I chose people whom I know are frequently active. If you find memes like this excessively annoying, feel free to ignore. Otherwise, please do satisfy my curiosity.
I would post the article itself, but the format doesn't copy very prettily. It contains, at any rate, pretty much the same theory I came up with a while ago: namely, that different cultural groups can coexist well in areas that provide either strong boundaries between their individual subregions, or a shared set of ground rules. The Lex Romana of the Roman empire is a classic example of the latter. The US "melting-pot", during the times and occasions when it was actually successful, also used this principle: the "base attractor" of "mainstream" American culture was able to assimilate new immigrants (albeit, in many cases, with a certain period of "hazing the newbies" which strikes me as rather similar to a fraternity initiation ritual.)

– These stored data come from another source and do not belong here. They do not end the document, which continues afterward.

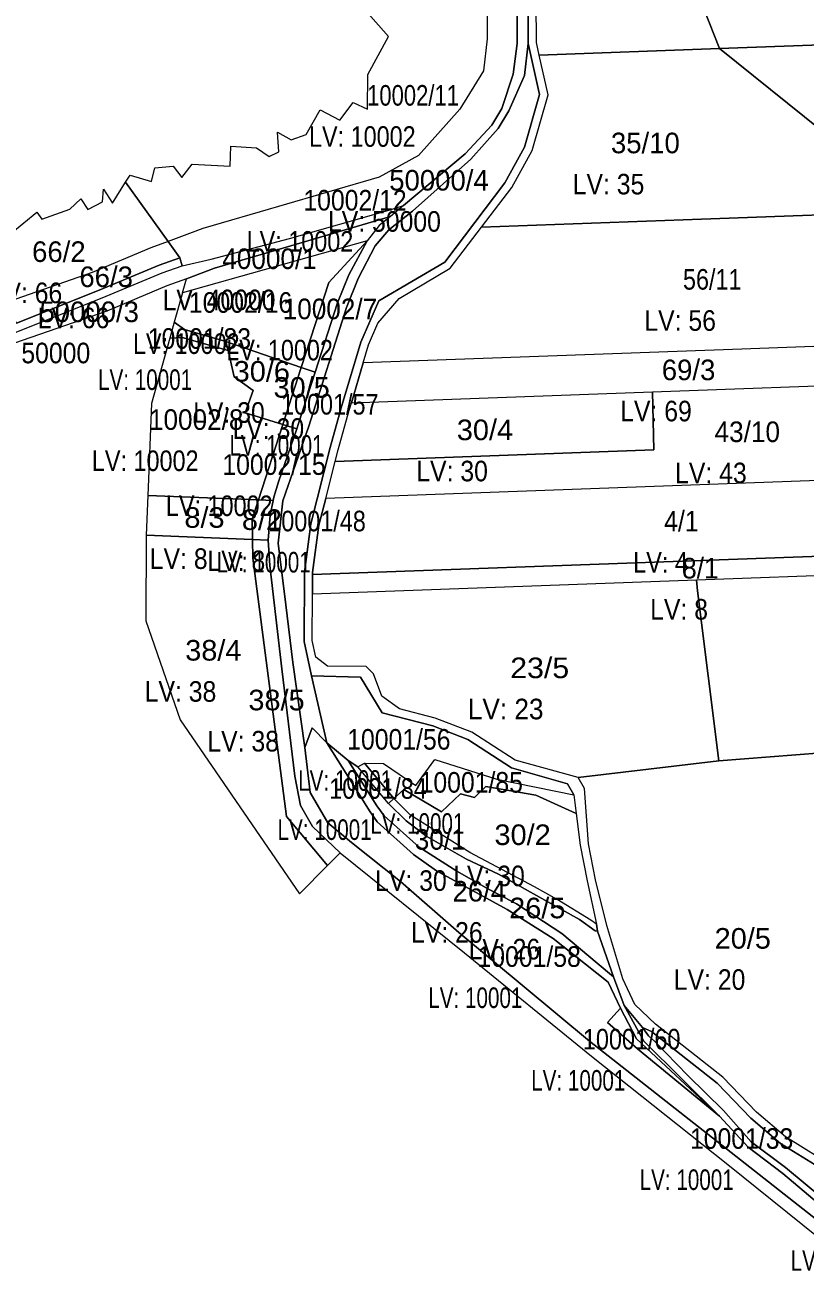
# Model space of a CAD drawing. Extents: x -713758 to -711119, y -1123067 to -1120789.
# Drawn here: x -713169 to -712790, y -1122550 to -1121945 of the extents above; entities that cross this region are included whole.
import ezdxf
from ezdxf.enums import TextEntityAlignment as Align

# ---------------------------------------------------------------- set-up
doc = ezdxf.new("R2010")
doc.units = 0
doc.header["$LTSCALE"] = 4
doc.layers.add('10', color=7, linetype='Continuous', lineweight=13)
doc.layers.add('11', color=7, linetype='Continuous')
doc.layers.add('13', color=7, linetype='Continuous')

msp = doc.modelspace()

# ---------------------------------------------------------------- linework, layer by layer
at = {"layer": '10'}
for points in [[(-712944.91, -1121832.77), (-712944, -1121951.73), (-712945.8, -1121967.3), (-712957.4, -1121986.04), (-712977.36, -1122008.49), (-712996.6, -1122018.99), (-713045.48, -1122033.25), (-713082.19, -1122044), (-713099.09, -1122050.28), (-713119.7, -1122021.46), (-713117.55, -1122018), (-713107.1, -1122021.15), (-713105.44, -1122014.52), (-713096.64, -1122013.69), (-713092.33, -1122019.16), (-713087.35, -1122012.69), (-713068.94, -1122013.69), (-713068.61, -1122003.9), (-713056.16, -1122004.73), (-713050.03, -1122009.04), (-713045.22, -1122006.72), (-713045.88, -1121997.1), (-713039.36, -1122000.91), (-713031.99, -1121998.26), (-713025.14, -1121986.31), (-713015.68, -1121991.29), (-713009.21, -1121982.66), (-713002.25, -1121985.98), (-713002.08, -1121969.06), (-712991.96, -1121950.64), (-713003.08, -1121938.2)], [(-712929.21, -1121894.95), (-712929.46, -1121954.09), (-712931.35, -1121968.92), (-712936.86, -1121985.6), (-712941.79, -1121993.69), (-712954.71, -1122007.7), (-712984.65, -1122032.69), (-712991, -1122038.19), (-712996.49, -1122042.47), (-713002.32, -1122049.96), (-713011.31, -1122066.5), (-713016.78, -1122080.08), (-713027.64, -1122113.79), (-713035.65, -1122138.64), (-713036.53, -1122141.22), (-713045.38, -1122167.06), (-713047.67, -1122174.42), (-713048.02, -1122176.08), (-713049.5, -1122183.21), (-713050.51, -1122195.35), (-713049.59, -1122207.7), (-713043.87, -1122257.93), (-713037.46, -1122309.99), (-713034.78, -1122324.24), (-713028.91, -1122334.48), (-713015.4, -1122347.26), (-712955.02, -1122395.77), (-712893.31, -1122446.1), (-712827.18, -1122498.66), (-712776.53, -1122539.37)], [(-712772.56, -1122534.45), (-712894.29, -1122438.71), (-712957.76, -1122385.97), (-712986.1, -1122361.18), (-713010.04, -1122342.27), (-713021.42, -1122332.63), (-713029.98, -1122317.89), (-713032.71, -1122296.02), (-713038.55, -1122254.75), (-713041.88, -1122226.75), (-713045.67, -1122196.79), (-713043.32, -1122176.31), (-713030.64, -1122139.91), (-713012.41, -1122082.34), (-713006.74, -1122068.22), (-712998.53, -1122052.43), (-712991.77, -1122044.64), (-712980.32, -1122035.6), (-712951.96, -1122010.31), (-712938.67, -1121995.31), (-712933.46, -1121986.71), (-712925.93, -1121969.6), (-712924.13, -1121954.03), (-712924.19, -1121934.01)], [(-712924.19, -1121934.01), (-712924.13, -1121954.03), (-712918.57, -1121978.84), (-712925.98, -1122004.5), (-712935.4, -1122021.81), (-712964.66, -1122060.23), (-712996.72, -1122079.08), (-713005.42, -1122099.09), (-713014.94, -1122131.09), (-713020.31, -1122150.38), (-713029.69, -1122187.36), (-713032.85, -1122210.83), (-713033.03, -1122244.52)], [(-712774.62, -1122500.39), (-712799.12, -1122485.22), (-712813.16, -1122473.21), (-712829.61, -1122456.21), (-712862.21, -1122430.51), (-712872.38, -1122420.97), (-712878.07, -1122408.41), (-712885.9, -1122382.52), (-712891.47, -1122360.38), (-712894.85, -1122342.83), (-712896.75, -1122315.98), (-712899.9, -1122310.71), (-712930.52, -1122302.24), (-712951.57, -1122288.64), (-712969.26, -1122281.82), (-712986.71, -1122277.24), (-712995.2, -1122271.13), (-712999.26, -1122260.23), (-713002.77, -1122256.8), (-713021.65, -1122256.64), (-713027.24, -1122252.26), (-713029.03, -1122244.1), (-713028.91, -1122221.35), (-713028.86, -1122212.11), (-713028.85, -1122211.11), (-713025.76, -1122188.12), (-713022.45, -1122175.1), (-713017.89, -1122157.12), (-713016.44, -1122151.41), (-713011.1, -1122132.22), (-713010.04, -1122128.66), (-713004.26, -1122109.23), (-713001.65, -1122100.46), (-712997.1, -1122089.99), (-712986.87, -1122077.93), (-712961.95, -1122063.28), (-712946.78, -1122043.35), (-712932.04, -1122023.99), (-712922.26, -1122006.03), (-712914.44, -1121978.97), (-712918.75, -1121959.74), (-712920.13, -1121953.58), (-712920.19, -1121933.95)], [(-713179.85, -1122097.09), (-713131.11, -1122077.56), (-713102.01, -1122065.46), (-713092.2, -1122062.07), (-713078.09, -1122058.85), (-713040.02, -1122048.87), (-712992.26, -1122035.27), (-712984.65, -1122032.69), (-712991, -1122038.19), (-713039.52, -1122052.34), (-713076.57, -1122063.19), (-713090.12, -1122068.35), (-713099.67, -1122071.82), (-713128.83, -1122084.07), (-713177.94, -1122101.13)], [(-713179.85, -1122097.09), (-713131.11, -1122077.56), (-713102.01, -1122065.46), (-713092.2, -1122062.07), (-713093.3, -1122058.22), (-713103.43, -1122061.72), (-713132.6, -1122073.85), (-713172.8, -1122089.95)], [(-713033.03, -1122244.52), (-713029.35, -1122261.3), (-713005.54, -1122261.94), (-712995.14, -1122279.16), (-712970.49, -1122285.63), (-712953.4, -1122292.22), (-712932.2, -1122305.92), (-712905.05, -1122313.79), (-712901.9, -1122319.06), (-712900.74, -1122328.21), (-712898.8, -1122343.47), (-712895.46, -1122360.8), (-712890.97, -1122381.84), (-712890.37, -1122385.34), (-712882.72, -1122407.47), (-712877.48, -1122421.44), (-712868.55, -1122432.16), (-712864.27, -1122433.98), (-712832.3, -1122459.19), (-712815.9, -1122476.13), (-712801.49, -1122488.46), (-712776.27, -1122504.07)], [(-712782.82, -1122518), (-712800.46, -1122503.04), (-712817.28, -1122490.23), (-712831.24, -1122475.24), (-712870.99, -1122442.45), (-712885.59, -1122429.63), (-712879.25, -1122422.78), (-712885.31, -1122410.06), (-712911.93, -1122388.85), (-712934.36, -1122374.71), (-712947.93, -1122367.31), (-712968.65, -1122355.94), (-712979.85, -1122348.12), (-712997.42, -1122332.12), (-713001.17, -1122326.78), (-713009.01, -1122314.38), (-713022.03, -1122293.87), (-713029.08, -1122286.58), (-713032.71, -1122296.02), (-713029.98, -1122317.89), (-713021.42, -1122332.63), (-713010.04, -1122342.27), (-712986.1, -1122361.18), (-712957.76, -1122385.97), (-712894.29, -1122438.71), (-712772.56, -1122534.45)], [(-712776.27, -1122504.07), (-712801.49, -1122488.46), (-712815.9, -1122476.13), (-712832.3, -1122459.19), (-712864.27, -1122433.98), (-712868.55, -1122432.16), (-712865.73, -1122436.15), (-712862.65, -1122438.97), (-712846.59, -1122455.35), (-712829.18, -1122472.48), (-712815.86, -1122487.57), (-712799.18, -1122500.14), (-712780.93, -1122515.2)]]:
    msp.add_lwpolyline(points, dxfattribs=at)
for points in [[(-713099.09, -1122050.28), (-713093.3, -1122058.22), (-713092.2, -1122062.07), (-713078.09, -1122058.85), (-713040.02, -1122048.87), (-712992.26, -1122035.27), (-712984.65, -1122032.69), (-712954.71, -1122007.7), (-712941.79, -1121993.69), (-712936.86, -1121985.6), (-712931.35, -1121968.92), (-712929.46, -1121954.09), (-712929.21, -1121894.95), (-712929.12, -1121844.01), (-712939.8, -1121834.06), (-712944.91, -1121832.77), (-712944, -1121951.73), (-712945.8, -1121967.3), (-712957.4, -1121986.04), (-712977.36, -1122008.49), (-712996.6, -1122018.99), (-713045.48, -1122033.25), (-713082.19, -1122044)], [(-712870.42, -1121857.05), (-712700.85, -1121850.86), (-712698.93, -1121864.01), (-712694.13, -1121895.03), (-712687.55, -1121951.31), (-712831.1, -1121956.54)], [(-712920.74, -1121858.89), (-712870.42, -1121857.05), (-712831.1, -1121956.54), (-712918.75, -1121959.74), (-712920.13, -1121953.58), (-712920.19, -1121933.95), (-712920.62, -1121894.76)], [(-713045.67, -1122196.79), (-713041.88, -1122226.75), (-713038.55, -1122254.75), (-713032.71, -1122296.02), (-713029.08, -1122286.58), (-713022.03, -1122293.87), (-713029.35, -1122261.3), (-713033.03, -1122244.52), (-713032.85, -1122210.83), (-713029.69, -1122187.36), (-713020.31, -1122150.38), (-713014.94, -1122131.09), (-713005.42, -1122099.09), (-712996.72, -1122079.08), (-712964.66, -1122060.23), (-712935.4, -1122021.81), (-712925.98, -1122004.5), (-712918.57, -1121978.84), (-712924.13, -1121954.03), (-712925.93, -1121969.6), (-712933.46, -1121986.71), (-712938.67, -1121995.31), (-712951.96, -1122010.31), (-712980.32, -1122035.6), (-712991.77, -1122044.64), (-712998.53, -1122052.43), (-713006.74, -1122068.22), (-713012.41, -1122082.34), (-713030.64, -1122139.91), (-713043.32, -1122176.31)], [(-712831.1, -1121956.54), (-712687.55, -1121951.31), (-712686.83, -1121957.49), (-712682.74, -1121995.84), (-712678.59, -1122015.49), (-712672.75, -1122031.36), (-712671.57, -1122033.31), (-712732.93, -1122035.55)], [(-712946.78, -1122043.35), (-712932.04, -1122023.99), (-712922.26, -1122006.03), (-712914.44, -1121978.97), (-712918.75, -1121959.74), (-712831.1, -1121956.54), (-712732.93, -1122035.55), (-712839.85, -1122039.45)], [(-713200.85, -1122053.94), (-713175.48, -1122046.35), (-713162.84, -1122036.08), (-713160.35, -1122039.4), (-713146.75, -1122034.59), (-713141.44, -1122029.61), (-713138.12, -1122034.76), (-713130.99, -1122030.94), (-713130.49, -1122024.8), (-713126.01, -1122031.6), (-713119.7, -1122021.46), (-713099.09, -1122050.28), (-713107.42, -1122053.38), (-713135.98, -1122065.38), (-713179.96, -1122080.66)], [(-713004.26, -1122109.23), (-713001.65, -1122100.46), (-712997.1, -1122089.99), (-712986.87, -1122077.93), (-712961.95, -1122063.28), (-712946.78, -1122043.35), (-712839.85, -1122039.45), (-712732.93, -1122035.55), (-712671.57, -1122033.31), (-712648.66, -1122071.25), (-712639.54, -1122087.86), (-712636.58, -1122094.53), (-712636.27, -1122095.8), (-712820.27, -1122102.52)], [(-713092.03, -1122075.13), (-713090.12, -1122068.35), (-713076.57, -1122063.19), (-713039.52, -1122052.34), (-712991, -1122038.19), (-712996.49, -1122042.47), (-713002.32, -1122049.96)], [(-713179.96, -1122080.66), (-713172.8, -1122089.95), (-713132.6, -1122073.85), (-713103.43, -1122061.72), (-713093.3, -1122058.22), (-713099.09, -1122050.28), (-713107.42, -1122053.38), (-713135.98, -1122065.38)], [(-713096.05, -1122089.47), (-713091.11, -1122093.06), (-713070.96, -1122098.76), (-713034.39, -1122111.45), (-713021.01, -1122070.15), (-713002.32, -1122049.96), (-713092.03, -1122075.13)], [(-713034.39, -1122111.45), (-713027.64, -1122113.79), (-713016.78, -1122080.08), (-713011.31, -1122066.5), (-713002.32, -1122049.96), (-713021.01, -1122070.15)], [(-713098.24, -1122097.26), (-713092.17, -1122096.94), (-713069.91, -1122103.22), (-713070.96, -1122098.76), (-713091.11, -1122093.06), (-713096.05, -1122089.47)], [(-713108.98, -1122173.65), (-713055.22, -1122175.79), (-713043.34, -1122139.11), (-713061.64, -1122133.42), (-713057.69, -1122122.67), (-713066.9, -1122115.95), (-713069.91, -1122103.22), (-713092.17, -1122096.94), (-713098.24, -1122097.26), (-713107.15, -1122128.96)], [(-713070.96, -1122098.76), (-713069.91, -1122103.22), (-713066.9, -1122115.95), (-713057.69, -1122122.67), (-713061.64, -1122133.42), (-713043.34, -1122139.11), (-713034.39, -1122111.45)], [(-713010.04, -1122128.66), (-712863.78, -1122123.32), (-712748.22, -1122119.11), (-712632.65, -1122114.89), (-712632.85, -1122109.87), (-712636.27, -1122095.8), (-712820.27, -1122102.52), (-713004.26, -1122109.23)], [(-713043.34, -1122139.11), (-713036.53, -1122141.22), (-713035.65, -1122138.64), (-713027.64, -1122113.79), (-713034.39, -1122111.45)], [(-713022.45, -1122175.1), (-713017.89, -1122157.12), (-712863.04, -1122151.46), (-712863.78, -1122123.32), (-712748.22, -1122119.11), (-712632.65, -1122114.89), (-712632.44, -1122120.31), (-712636.42, -1122143.91), (-712641.22, -1122161.19), (-712831.84, -1122168.14)], [(-713017.89, -1122157.12), (-713016.44, -1122151.41), (-713011.1, -1122132.22), (-713010.04, -1122128.66), (-712863.78, -1122123.32), (-712863.04, -1122151.46)], [(-713055.22, -1122175.79), (-713048.02, -1122176.08), (-713047.67, -1122174.42), (-713045.38, -1122167.06), (-713036.53, -1122141.22), (-713043.34, -1122139.11)], [(-713028.86, -1122212.11), (-712840.29, -1122205.23), (-712651.72, -1122198.35), (-712648.29, -1122186.66), (-712641.22, -1122161.19), (-712831.84, -1122168.14), (-713022.45, -1122175.1), (-713025.76, -1122188.12), (-713028.85, -1122211.11)], [(-713109.77, -1122192.99), (-713058.1, -1122195.05), (-713058.24, -1122185.1), (-713055.22, -1122175.79), (-713108.98, -1122173.65)], [(-713058.24, -1122185.1), (-713058.1, -1122195.05), (-713050.51, -1122195.35), (-713049.5, -1122183.21), (-713048.02, -1122176.08), (-713055.22, -1122175.79)], [(-713109.96, -1122234.59), (-713093.16, -1122282.68), (-713035.23, -1122367.19), (-713021.59, -1122353.48), (-713041.62, -1122329.55), (-713057.98, -1122204.02), (-713058.1, -1122195.05), (-713109.77, -1122192.99)], [(-713058.1, -1122195.05), (-713057.98, -1122204.02), (-713041.62, -1122329.55), (-713021.59, -1122353.48), (-713015.4, -1122347.26), (-713028.91, -1122334.48), (-713034.78, -1122324.24), (-713037.46, -1122309.99), (-713043.87, -1122257.93), (-713049.59, -1122207.7), (-713050.51, -1122195.35)], [(-713028.91, -1122221.35), (-712842.39, -1122214.55), (-712682.59, -1122208.72), (-712654.45, -1122207.69), (-712651.72, -1122198.35), (-712840.29, -1122205.23), (-713028.86, -1122212.11)], [(-712842.39, -1122214.55), (-712682.59, -1122208.72), (-712654.45, -1122207.69), (-712660.03, -1122226.71), (-712660.27, -1122244.45), (-712657.62, -1122253.69), (-712650.61, -1122267.8), (-712637.62, -1122283.48), (-712781.58, -1122298.68), (-712831.54, -1122302.56), (-712841.94, -1122220.03)], [(-713029.03, -1122244.1), (-713028.91, -1122221.35), (-712842.39, -1122214.55), (-712841.94, -1122220.03), (-712831.54, -1122302.56), (-712899.9, -1122310.71), (-712930.52, -1122302.24), (-712951.57, -1122288.64), (-712969.26, -1122281.82), (-712986.71, -1122277.24), (-712995.2, -1122271.13), (-712999.26, -1122260.23), (-713002.77, -1122256.8), (-713021.65, -1122256.64), (-713027.24, -1122252.26)], [(-713029.35, -1122261.3), (-713022.03, -1122293.87), (-713011.56, -1122302.38), (-713006.84, -1122305.48), (-713003.73, -1122303.73), (-712994.41, -1122303.86), (-712978.78, -1122314.61), (-712969.51, -1122301.85), (-712939.28, -1122311.38), (-712901.9, -1122319.06), (-712905.05, -1122313.79), (-712932.2, -1122305.92), (-712953.4, -1122292.22), (-712970.49, -1122285.63), (-712995.14, -1122279.16), (-713005.54, -1122261.94)], [(-713022.03, -1122293.87), (-713009.01, -1122314.38), (-713001.17, -1122326.78), (-712997.42, -1122332.12), (-712979.85, -1122348.12), (-712968.65, -1122355.94), (-712947.93, -1122367.31), (-712934.36, -1122374.71), (-712911.93, -1122388.85), (-712885.31, -1122410.06), (-712879.25, -1122422.78), (-712871.46, -1122437.62), (-712831.24, -1122475.24), (-712867.93, -1122438.67), (-712877.48, -1122421.44), (-712882.72, -1122407.47), (-712890.53, -1122400.9), (-712907.83, -1122386.4), (-712929.83, -1122371.95), (-712944.47, -1122364.21), (-712958.72, -1122356.09), (-712977.09, -1122344.54), (-712994.17, -1122329.26), (-712997.59, -1122324.4), (-713011.56, -1122302.38)], [(-712899.9, -1122310.71), (-712831.54, -1122302.56), (-712781.58, -1122298.68), (-712767.93, -1122326.7), (-712748.89, -1122353.98), (-712703.17, -1122396.9), (-712695.91, -1122402.6), (-712774.62, -1122500.39), (-712799.12, -1122485.22), (-712813.16, -1122473.21), (-712829.61, -1122456.21), (-712862.21, -1122430.51), (-712872.38, -1122420.97), (-712878.07, -1122408.41), (-712885.9, -1122382.52), (-712891.47, -1122360.38), (-712894.85, -1122342.83), (-712896.75, -1122315.98)], [(-713011.56, -1122302.38), (-712997.59, -1122324.4), (-712994.17, -1122329.26), (-712977.09, -1122344.54), (-712958.72, -1122356.09), (-712944.47, -1122364.21), (-712929.83, -1122371.95), (-712907.83, -1122386.4), (-712890.53, -1122400.9), (-712882.72, -1122407.47), (-712890.37, -1122385.34), (-712891.54, -1122385.07), (-712899.12, -1122379.7), (-712922.96, -1122366.41), (-712938.5, -1122357.67), (-712954.07, -1122350.27), (-712973.3, -1122339.3), (-712983.48, -1122331.74), (-712992, -1122323.28), (-713006.84, -1122305.48)], [(-713006.84, -1122305.48), (-713003.73, -1122303.73), (-712989.41, -1122320.92), (-712992, -1122323.28)], [(-713003.73, -1122303.73), (-712994.41, -1122303.86), (-712978.78, -1122314.61), (-712969.51, -1122301.85), (-712939.28, -1122311.38), (-712901.9, -1122319.06), (-712900.74, -1122328.21), (-712920.36, -1122319.31), (-712944.68, -1122315.1), (-712950.2, -1122320.39), (-712957.07, -1122318.58), (-712966.19, -1122327.34), (-712984.6, -1122316.5), (-712989.41, -1122320.92)], [(-712989.41, -1122320.92), (-712984.6, -1122316.5), (-712966.19, -1122327.34), (-712957.07, -1122318.58), (-712950.2, -1122320.39), (-712944.68, -1122315.1), (-712920.36, -1122319.31), (-712900.74, -1122328.21), (-712898.8, -1122343.47), (-712895.46, -1122360.8), (-712890.97, -1122381.84), (-712893.62, -1122379.92), (-712910.08, -1122369.89), (-712921.12, -1122363.7), (-712952.47, -1122347.02), (-712981.3, -1122328.98)], [(-712989.41, -1122320.92), (-712992, -1122323.28), (-712983.48, -1122331.74), (-712973.3, -1122339.3), (-712954.07, -1122350.27), (-712938.5, -1122357.67), (-712922.96, -1122366.41), (-712899.12, -1122379.7), (-712891.54, -1122385.07), (-712890.37, -1122385.34), (-712890.97, -1122381.84), (-712893.62, -1122379.92), (-712910.08, -1122369.89), (-712921.12, -1122363.7), (-712952.47, -1122347.02), (-712981.3, -1122328.98)], [(-712877.48, -1122421.44), (-712867.93, -1122438.67), (-712831.24, -1122475.24), (-712817.28, -1122490.23), (-712800.46, -1122503.04), (-712782.82, -1122518), (-712773.42, -1122532.7), (-712772.56, -1122534.45), (-712768.79, -1122532.19), (-712771.43, -1122529.55), (-712780.93, -1122515.2), (-712799.18, -1122500.14), (-712815.86, -1122487.57), (-712829.18, -1122472.48), (-712846.59, -1122455.35), (-712862.65, -1122438.97), (-712865.73, -1122436.15), (-712868.55, -1122432.16)], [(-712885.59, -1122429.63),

The current "multiculturalism", on the other hand, is a muddled mess because it rejects both segregation and assimilation, trying to achieve some in-between compromise which, in the end, pleases no one. It reminds me of that old story about the two guys with the donkey who tried to please everyone, and ended up only making fools of themselves.
This, by the way, is one reason why I do not identify as "White Nationalist". Although I do believe in Freedom of Association, and sympathize with those who want to preserve their culture, I also cannot ignore the empirical evidence that successful mixed social units do exist, at all levels of scale. There are mixed marriages that are stable and happy. There are mixed families whose children grow up healthy, strong, and intellectually competent. There are communities where people of different ethnic groups live together in harmony. There are cosmopolitan agorae where people from all over the world come together to peacefully exchange goods and ideas. And, insofar as these associations are actually successful, they have as much right to exist as anything else.
One the other hand, many people are also positively assortative; they prefer the company of their own kind. And that, of course, is perfectly fine too. Chacun a son gout.
Both sides, multiculturalists and separatists, have become morally polarized, each claiming that their vision of an ideal society is absolutely right; when, ironically, both sides are actually advocating for diversity: diversity of different kinds and on different levels. A preference for mixture is still a preference; a mixture is a particular kind of thing. Human beings cannot live without any preferences at all; such a state of being may be possible in Nirvana, but not on Earth.